Start of Block

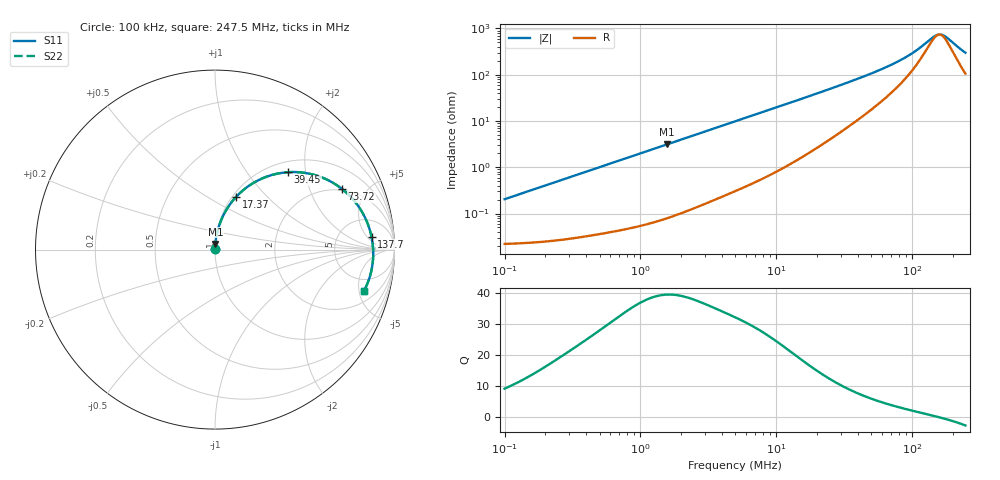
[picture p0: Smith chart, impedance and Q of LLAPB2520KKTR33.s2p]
! LLAPB2520KKTR33  S-PARAMETER MODEL  ( General Type )
! Model Generated by TAIYO YUDEN Corporation (http://www.ty-top.com)
! Version 2.0
! TAIYO YUDEN Control No. 20210629
! Copyright(c) 2015 TAIYO YUDEN CO.,LTD. All Rights Reserved.
! Product Description (link to TY-COMPAS)
! https://ds.yuden.co.jp/TYCOMPAS/or/detail?pn=LLAPB2520KKTR33M&u=M
! Products Name : Inductors
! Characteristics :
!  Inductance : 0.33 uH , SRF(min) : -Hz , DC Resistance(max) : 0.026 Ohm
!  Rated Current : Saturation :6200 mA , Temp Rise : 4300 mA (40 degC)
!  Case Size : 2.5 x 2.0 / 0.098 x 0.079 [mm/inch] , Thickness : 1 / 0.039 [mm/inch]
!  (Conditions: Temperature = 25 degC , DC Bias Current/Voltage = 0A / 0V)
! External Node Assignments :
!  1  o---GGG---o  2
! GND o---------o GND
! Frequency Range : 0.1MHz  -  247.502633MHz  [ 402 STEP ]
# MHz S RI R 50
! Freq[MHz].  S11 Real  S11 Imag  S21 Real  S21 Imag  S12 Real  S12 Imag  S22 Real  S22 Imag
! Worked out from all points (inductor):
!   401 points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, 100 kHz to 247.5 MHz, reference 50 ohm
!   read as one part in series: L = 323 nH near 104 kHz
!   highest Q = 39.5 at 1.571 MHz (marker M1), where L = 316 nH
!   self-resonance near 158.6 MHz
!   S11 on the Smith chart (normalised r, x): 100 kHz: 1.00, +0.00; 17.37 MHz: 1.04, +0.68; 39.45 MHz: 1.21, +1.61; 73.72 MHz: 1.92, +3.38; 137.7 MHz: 11, +7; 247.5 MHz: 3.12, -5.59
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0.1  0.000225 0.00203  0.9998 -0.00203  0.9998 -0.00203  0.000225 0.00203
0.37019  0.000367 0.00746  0.9996 -0.00746  0.9996 -0.00746  0.000367 0.00746
1.370406  0.00144 0.0272  0.9986 -0.0272  0.9986 -0.0272  0.00144 0.0272
1.57122  0.00176 0.0312  0.9982 -0.0312  0.9982 -0.0312  0.00176 0.0312
4.974964  0.0124 0.0962  0.9876 -0.0962  0.9876 -0.0962  0.0124 0.0962
10.24934  0.0459 0.1896  0.9541 -0.1896  0.9541 -0.1896  0.0459 0.1896
17.36851  0.1183 0.2946  0.8817 -0.2946  0.8817 -0.2946  0.1183 0.2946
18.41681  0.1309 0.3075  0.8691 -0.3075  0.8691 -0.3075  0.1309 0.3075
26.69375  0.2392 0.3854  0.7608 -0.3854  0.7608 -0.3854  0.2392 0.3854
39.45378  0.4074 0.4313  0.5926 -0.4313  0.5926 -0.4313  0.4074 0.4313
51.86374  0.5438 0.4187  0.4562 -0.4187  0.4562 -0.4187  0.5438 0.4187
68.1772  0.6737 0.3621  0.3263 -0.3621  0.3263 -0.3621  0.6737 0.3621
73.71824  0.7069 0.3385  0.2931 -0.3385  0.2931 -0.3385  0.7069 0.3385
100.767  0.8137 0.219  0.1863 -0.219  0.1863 -0.219  0.8137 0.219
115.5329  0.8455 0.1571  0.1545 -0.1571  0.1545 -0.1571  0.8455 0.1571
137.7404  0.872 0.0719  0.128 -0.0719  0.128 -0.0719  0.872 0.0719
151.8732  0.8795 0.0224  0.1205 -0.0224  0.1205 -0.0224  0.8795 0.0224
161.0397  0.8814 -0.00782  0.1186 0.00782  0.1186 0.00782  0.8814 -0.00782
167.456  0.8816 -0.0281  0.1184 0.0281  0.1184 0.0281  0.8816 -0.0281
181.0659  0.8791 -0.0691  0.1209 0.0691  0.1209 0.0691  0.8791 -0.0691
224.4709  0.852 -0.182  0.148 0.182  0.148 0.182  0.852 -0.182
247.5026  0.8292 -0.2318  0.1708 0.2318  0.1708 0.2318  0.8292 -0.2318
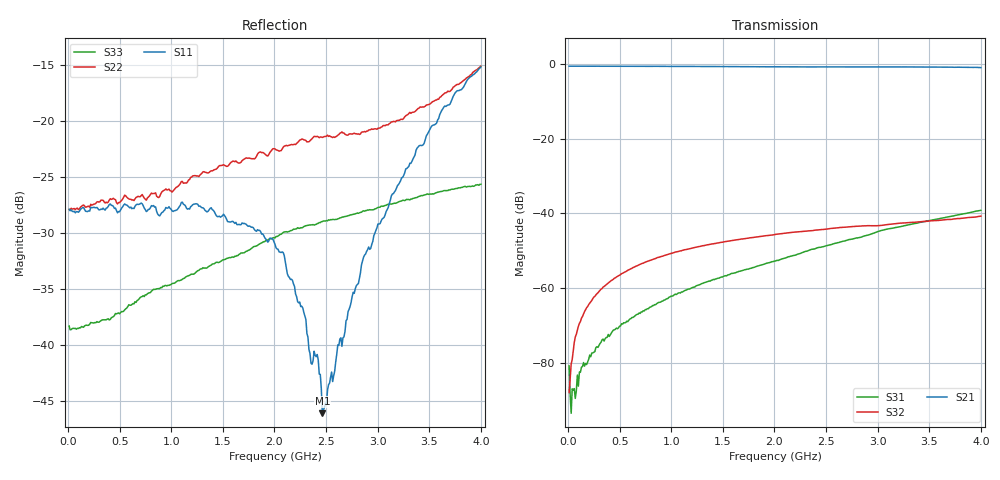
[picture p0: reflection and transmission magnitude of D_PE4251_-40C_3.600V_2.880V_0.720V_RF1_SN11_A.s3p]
! Device ID: PE4251_SoldCshunt_081809
! Dir: c:\Test Bench Repositories\Bench_Software_CVI_Version_8\trunk\PSC 4Port_VNA Bench\datalog\4250\TEST\PE4251_SoldCshunt_081809\-40C\3p600000\RF1
! Serial: 11
! Insertion: A
! Temp: -40C
! VDD: 3.600
! Control_Hi: 80.000
! Control_Lo: 20.000
! Logic State: RF1
! Port 1: RFC
! Port 2: RF1
! Port 3: RF2
! V1 = 0.72
! V2 = 2.88
! V3 = 0.72
! IDD: 5.028610e-05
! FILE NAME
! DATE 08/18/09  20:09
! CORRECTED  DATA
#  Hz  S  RI  R  50.00
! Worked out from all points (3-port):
!   401 points, 10 MHz to 4 GHz, reference 50 ohm
!   strongest paths, dB at 10 MHz, 1.008 GHz, 2.005 GHz, 3.002 GHz, 4 GHz:
!     S21: -0.5, -0.5, -0.6, -0.7, -0.9
!     S32: -88.0, -50.7, -45.7, -43.3, -40.7
!     S31: -80.9, -62.2, -52.8, -44.8, -39.2
!   lowest |S11| = -46.1 dB at 2.464 GHz (marker M1), VSWR 1.01, Z = 50.2 - j0.468 ohm
!   |S11| at or under -10 dB: start of sweep to end of sweep
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1e7  0.0404 8.61e-05  0.9453 -0.00377  1.13e-05 2.1e-05
     0.9451 -0.0039  0.0403 0.000304  1.04e-05 6.85e-05
     2e-05 -8.78e-05  3.67e-05 -1.48e-05  0.0122 -0.000375
1.79575e8  0.0395 0.000787  0.9429 -0.0609  -1.68e-05 -0.000105
           0.9428 -0.0611  0.0414 0.000504  4.6e-05 0.000542
           -3.52e-06 -9.38e-05  4.06e-05 0.000543  0.0122 0.00159
5.287e8  0.0414 -0.00211  0.9265 -0.1742  -0.000178 -0.000269
         0.9266 -0.1742  0.0449 -0.00122  0.000158 0.00158
         -0.000189 -0.000269  0.000157 0.00157  0.0135 0.00416
1.296775e9  0.0402 -0.00846  0.8417 -0.4094  -0.00105 -0.000456
            0.844 -0.4092  0.057 -0.0133  0.000756 0.00359
            -0.00106 -0.000444  0.000756 0.00358  0.0173 0.0135
2.005e9  0.0263 -0.0102  0.722 -0.5836  -0.00226 -0.000458
         0.722 -0.5837  0.0664 -0.0353  0.00122 0.00506
         -0.00225 -0.000453  0.0012 0.00507  0.0184 0.0238
2.2843e9  0.0106 -0.0091  0.6666 -0.6434  -0.003 -0.000555
          0.6652 -0.6445  0.0645 -0.0512  0.00137 0.0056
          -0.00298 -0.000567  0.00137 0.0056  0.017 0.0292
2.46385e9  0.00166 -0.00467  0.63 -0.6785  -0.00351 -0.000501
           0.6283 -0.678  0.0616 -0.0579  0.00138 0.00591
           -0.00352 -0.000499  0.00137 0.00593  0.0156 0.032
2.86285e9  -0.018 -0.0169  0.5371 -0.7549  -0.00493 -0.000443
           0.5382 -0.7528  0.0429 -0.0785  0.0015 0.00663
           -0.00494 -0.000436  0.00151 0.00663  0.0112 0.0381
3.14215e9  -0.0363 -0.0303  0.4654 -0.7996  -0.00633 -3.37e-05
           0.4666 -0.7983  0.0224 -0.0966  0.00116 0.00714
           -0.00633 -3.92e-05  0.00118 0.00715  0.00688 0.0422
4e9  -0.1564 -0.0774  0.1845 -0.8892  -0.0108 0.00213
     0.1838 -0.887  -0.12 -0.1286  4.53e-05 0.00918
     -0.0108 0.0021  2.46e-05 0.0092  -0.0133 0.0505
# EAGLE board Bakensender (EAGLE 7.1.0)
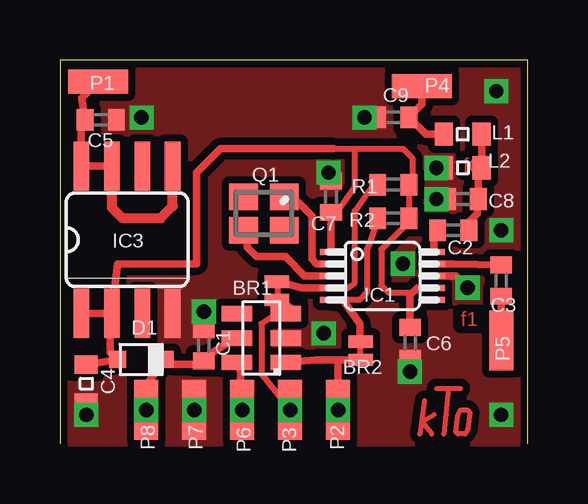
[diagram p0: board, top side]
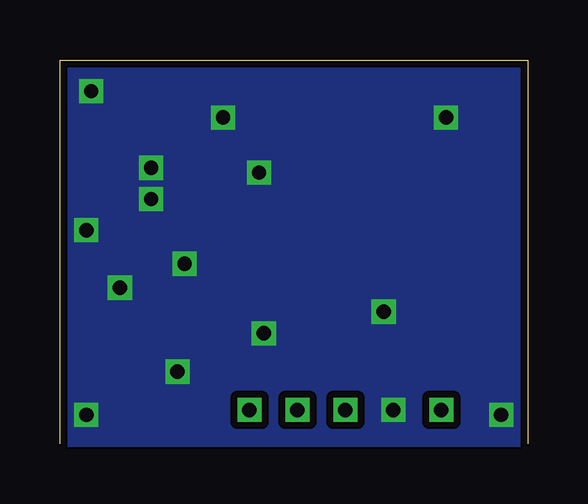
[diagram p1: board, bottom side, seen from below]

Size 19.5 x 16 mm. Coordinates in mm from the lower left corner, seen from the top.
Outline: 19.5,0 19.5,16 0,16 0,0
Copper layers (1*16): Top 0.035mm / dielectric 0.5mm / Bottom 0.035mm
Design rules "default *": minimum track width 10mil, minimum drill 0.6mm, track to track 8mil, track to pad 8mil, pad to pad 8mil, via to via 8mil, smd to smd 8mil, copper to edge 4mil, drill to drill 8mil, minimum pad ring 10mil, minimum via ring 8mil, stop-mask expansion 4mil, vias tented up to drill 0mil, thermal gap 10mil

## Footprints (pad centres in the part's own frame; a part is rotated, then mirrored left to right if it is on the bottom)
0402 = smd 0.7 x 0.9: 1 -0.65,0; 2 0.65,0
0603 = smd 0.762 x 0.965: 1 -0.787,0; 2 0.787,0
SOD323_S = smd 0.7 x 0.7: P$1 -0.997,-0.005; P$2 0.997,-0.005
MSOP10 = smd 0.25 x 0.9: 1 0,0; 2 0.5,0; 3 1,0; 4 1.5,0; 5 2,0; 6 2,4.3; 7 1.5,4.3; 8 1,4.3; 9 0.5,4.3; 10 0,4.3
SOT23-6 = smd 0.635 x 1.27: 1 -1.016,-1.016; 2 0,-1.016; 3 1.016,-1.016; 4 1.016,1.016; 5 0,1.016; 6 -1.016,1.016
SO08 = smd 0.66 x 2.032: 1 -1.905,-3.073; 2 -0.635,-3.073; 3 0.635,-3.073; 4 1.905,-3.073; 5 1.905,3.073; 6 0.635,3.073; 7 -0.635,3.073; 8 -1.905,3.073
ANSCHL7 = smd 2.5 x 1: P$1 0,0
FA-20H = smd 1.2 x 1.1: 1 -0.85,-0.7; 2 0.85,-0.7; 3 0.85,0.7; 4 -0.85,0.7
SMDJUMP = smd 1.016 x 0.508: P$1 0.051,0.508; P$2 0.051,-0.254

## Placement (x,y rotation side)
C1  100n  [0402]  6,4.1 90 top
C2  10n  [0402]  16.4,8.9 180 top
C3  10n  [0402]  18.4,6.8 90 top
C4  1u/6V  [0603]  1.1,2.5 90 top
C5  100n  [0402]  1.7,13.5 180 top
C6  100n  [0402]  14.6,4.2 90 top
C7  100n  [0402]  11.3,10.3 90 top
C8  39p  [0402]  16.8,10.2 0 top
C9  39p  [0402]  13.9,13.6 0 top
D1  BAT 62-03W  [SOD323_S]  3.4,3.5 180 top
IC1  SI5351A  [MSOP10]  11.3,8 270 top
IC2  PIC10F206  [SOT23-6]  8.4,4.4 90 top
IC3  MIC5200  [SO08]  2.8,8.5 0 top
L1  47nH  [0603]  16.8,12.9 180 top
L2  entfällt  [0603]  16.8,11.5 0 top
P1  +Ub  [ANSCHL7]  1.6,15.1 180 top
P2  Clk  [ANSCHL7]  11.6,1.4 270 top
P3  Data  [ANSCHL7]  9.6,1.4 270 top
P4  f0  [ANSCHL7]  15.1,14.9 0 top
P5  f1  [ANSCHL7]  18.4,4.3 270 top
P6  MCLR  [ANSCHL7]  7.6,1.4 270 top
P7  GND  [ANSCHL7]  5.6,1.4 270 top
P8  3V3  [ANSCHL7]  3.6,1.4 270 top
Q1  40MHz  [FA-20H]  8.5,9.6 180 top
R1  4k7  [0402]  13.9,10.8 0 top
R2  4k7  [0402]  13.9,9.4 0 top
U$9  SMDJUMP  [SMDJUMP]  12.6,4 180 top
U$10  SMDJUMP  [SMDJUMP]  9.1,6.5 180 top
U$11  [KTO]  15.6,1.1 0 top

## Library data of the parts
C1-C9 D1 IC3 R1 R2 = otto
IC1 = otto_afu
IC2 = microchip-3
L1 L2 P1-P8 U$9-U$11 = otto_L
Q1 = crystal

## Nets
GND: C1.2 C4.1 C5.1 C6.1 C7.2 C8.1 C9.1 IC1.8 IC2.2 IC3.4 L2.1 P7.P$1
N$1: IC2.1 P2.P$1 U$9.P$1
N$2: IC2.3 P3.P$1 U$10.P$1
N$3: IC1.3 Q1.3
N$4: IC1.2 Q1.1
N$5: IC2.6 P6.P$1
N$7: C3.1 P5.P$1
N$8: IC1.5 R2.1 U$9.P$2
N$9: C5.2 IC3.5 IC3.7 IC3.8 P1.P$1
N$10: C3.2 IC1.9
N$11: C2.2 IC1.10
N$12: C4.2 C6.2 C7.1 D1.P$2 IC1.1 IC1.7 IC3.1 IC3.2 R1.2 R2.2
N$14: IC1.4 R1.1 U$10.P$2
N$15: C1.1 D1.P$1 IC2.5 P8.P$1
N$16: C2.1 C8.2 L1.1 L2.2
N$17: C9.2 L1.2 P4.P$1

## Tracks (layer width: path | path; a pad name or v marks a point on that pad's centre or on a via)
GND  (via drill 0.6)
  Top 0.305: IC1.8 16.5,7 v17,6.5
  other vias: 18.2,14.7 6,5.5 11.2,11.3 14.6,3 14.3,7.5 18.4,1.2 11,4.6 1.1,1.2 3.4,13.6 5.6,1.4 12.7,13.6 15.7,10.2 15.7,11.5 18.4,8.9
  pour Top (isolate 0.305, no thermals): 0,16 19.5,16 19.5,0 0,0
  pour Bottom (isolate 0.305, no thermals): 0,16 19.5,16 19.5,0 0,0
N$1  (via drill 0.6)
  Top 0.305: IC2.1 10.7,3.48 11.6,3.48 | 11.6,3.48 12.3,3.48 12.31,3.49 U$9.P$1 | P2.P$1 11.6,3.48
  other vias: 11.6,1.4
N$2  (via drill 0.6)
  Top 0.254: 9.8,5.53 9.23,5.53 8.4,5 8.4,2.9 P3.P$1
  Top 0.305: IC2.3 9.8,5.53 9.89,5.53 U$10.P$1
  other vias: 9.6,1.4
N$3
  Top 0.305: IC1.3 10.2,7 9.4,7.8 8.2,7.8 7.8,8.2 7.8,8.75 Q1.3
N$4
  Top 0.305: IC1.2 10.7,7.5 10.5,7.7 10.5,9.5 9.9,10.1 9.55,10.1 Q1.1
N$5  (via drill 0.6)
  Top 0.305: P6.P$1 7.5,3.2 IC2.6
  other vias: 7.6,1.4
N$6
  Top 0.254: 12.5,4.2 12.5,3.6
N$7
  Top 0.305: C3.1 P5.P$1
N$8
  Top 0.254: R2.1 13.05,8.75 12.8,8.1 12.8,6.3 12.5,6 IC1.5
  Top 0.305: IC1.5 11.8,6 12.5,5 12.5,4.3 U$9.P$2
N$9
  Top 0.305: P1.P$1 0.91,14.41 C5.2 0.9,13.48 IC3.8 IC3.7
  Top 0.406: IC3.7 2.17,9.84 2.6,9.4 4.2,9.4 4.7,9.9 4.7,11.27 IC3.5
N$10
  Top 0.305: IC1.9 16.41,7.5 C3.2
N$11
  Top 0.305: IC1.10 15.6,8.79 C2.2
N$12
  Top 0.254: 11.4,12.3 12.3,12.3 | 12.3,12.3 14.3,12.3 14.7,11.9 14.7,10.65 R1.2 R2.2 14.5,9.2 13.4,8.1 13.4,6.6 13.7,6.3 14.5,6.3 14.6,6.2 14.65,6.25 | C7.1 11.35,9.35 12.3,10.7 12.3,12.3
  Top 0.305: 2.1,5.1 2.4,7.5 5.7,7.5 5.7,11.3 6.7,12.3 11.4,12.3 | IC1.1 C7.1 11.21,9.5 | C6.2 14.6,5.1 | IC1.7 14.9,6.5 14.6,6.2 14.6,5.1 | 14.6,5.1 14.5,5 | IC3.1 IC3.2 2.14,5.1 2.1,5.1 | C4.2 2.32,3.49 D1.P$2 2.1,3.81 2.1,5.1
N$14
  Top 0.254: IC1.4 12,6.5 12.3,6.7 12.3,9.7 13.2,11 R1.1
  Top 0.305: IC1.4 10.1,6.5 U$10.P$2
N$15  (via drill 0.6)
  Top 0.305: IC2.5 7.3,4.4 5.9,3.5 6.1,3.39 C1.1 5.85,3.3 4.8,3.3 4.61,3.4 D1.P$1 3.5,2.3 3.6,2.2 P8.P$1
  other vias: 3.6,1.4
N$16
  Top 0.305: C2.1 17.05,9.25 17.4,9.6 17.4,10.15 C8.2 17.45,11.36 L2.2 L1.1
N$17
  Top 0.305: L1.2 15.25,12.9 C9.2 15.1,14.15 P4.P$1
N$18
  Top 0.254: 9.1,6.1 9.1,6.6

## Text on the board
Top: f0 | f1
tPlace: BR1 | BR2

End of Block

• TASK STATEMENT:
Among the lines of the listing above, which ones hold "degC"? Copy them.

• THE ANSWER:
!  Rated Current : Saturation :6200 mA , Temp Rise : 4300 mA (40 degC)
!  (Conditions: Temperature = 25 degC , DC Bias Current/Voltage = 0A / 0V)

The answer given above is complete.